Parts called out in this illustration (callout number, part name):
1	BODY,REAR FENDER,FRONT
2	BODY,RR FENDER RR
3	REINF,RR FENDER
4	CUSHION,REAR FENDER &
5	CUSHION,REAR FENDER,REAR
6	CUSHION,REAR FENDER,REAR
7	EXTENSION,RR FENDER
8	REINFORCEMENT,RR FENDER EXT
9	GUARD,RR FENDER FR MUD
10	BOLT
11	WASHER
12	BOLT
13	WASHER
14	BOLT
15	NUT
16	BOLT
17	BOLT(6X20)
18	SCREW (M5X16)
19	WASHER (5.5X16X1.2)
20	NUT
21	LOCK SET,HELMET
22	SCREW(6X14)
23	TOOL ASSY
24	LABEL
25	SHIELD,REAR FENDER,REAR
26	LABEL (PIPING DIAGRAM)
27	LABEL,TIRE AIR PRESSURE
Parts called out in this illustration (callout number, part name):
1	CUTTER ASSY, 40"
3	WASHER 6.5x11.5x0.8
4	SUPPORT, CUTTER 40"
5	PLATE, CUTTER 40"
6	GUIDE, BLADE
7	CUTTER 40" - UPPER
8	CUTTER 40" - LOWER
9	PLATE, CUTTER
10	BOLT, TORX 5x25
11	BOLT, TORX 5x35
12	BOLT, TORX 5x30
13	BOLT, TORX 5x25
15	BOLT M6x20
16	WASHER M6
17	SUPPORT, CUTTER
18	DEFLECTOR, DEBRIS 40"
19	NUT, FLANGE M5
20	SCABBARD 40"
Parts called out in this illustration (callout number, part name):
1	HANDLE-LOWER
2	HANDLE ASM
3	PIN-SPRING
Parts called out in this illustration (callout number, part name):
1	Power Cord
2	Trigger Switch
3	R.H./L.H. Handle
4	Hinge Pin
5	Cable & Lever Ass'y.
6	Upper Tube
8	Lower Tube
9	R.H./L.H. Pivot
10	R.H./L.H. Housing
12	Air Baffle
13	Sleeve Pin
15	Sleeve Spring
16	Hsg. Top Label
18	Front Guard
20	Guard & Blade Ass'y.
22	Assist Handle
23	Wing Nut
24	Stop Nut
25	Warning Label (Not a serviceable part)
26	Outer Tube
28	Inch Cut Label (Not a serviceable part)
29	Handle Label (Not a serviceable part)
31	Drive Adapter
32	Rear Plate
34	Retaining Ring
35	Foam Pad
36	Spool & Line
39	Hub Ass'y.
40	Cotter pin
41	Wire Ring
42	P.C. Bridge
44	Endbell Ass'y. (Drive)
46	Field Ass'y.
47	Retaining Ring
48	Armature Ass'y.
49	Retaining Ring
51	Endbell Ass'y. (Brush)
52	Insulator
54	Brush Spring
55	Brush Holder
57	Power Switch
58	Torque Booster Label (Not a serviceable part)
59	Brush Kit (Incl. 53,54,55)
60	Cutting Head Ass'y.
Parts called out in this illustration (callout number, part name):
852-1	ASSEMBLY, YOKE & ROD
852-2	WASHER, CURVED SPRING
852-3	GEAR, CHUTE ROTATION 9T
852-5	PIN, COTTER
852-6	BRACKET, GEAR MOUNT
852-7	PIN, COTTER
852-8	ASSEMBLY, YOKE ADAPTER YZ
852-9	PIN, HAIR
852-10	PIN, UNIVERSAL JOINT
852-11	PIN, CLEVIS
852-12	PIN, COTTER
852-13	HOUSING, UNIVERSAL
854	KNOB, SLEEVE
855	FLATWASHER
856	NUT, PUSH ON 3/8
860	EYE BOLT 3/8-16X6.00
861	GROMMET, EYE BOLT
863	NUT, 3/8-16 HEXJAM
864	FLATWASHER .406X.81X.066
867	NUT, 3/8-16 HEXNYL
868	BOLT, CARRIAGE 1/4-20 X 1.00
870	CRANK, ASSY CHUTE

....................

_WORK TASK_.
Exactly how many lines in the listing above contain the string "Drive"? Give the number without comment.

_FINISHED EXERCISE_.
2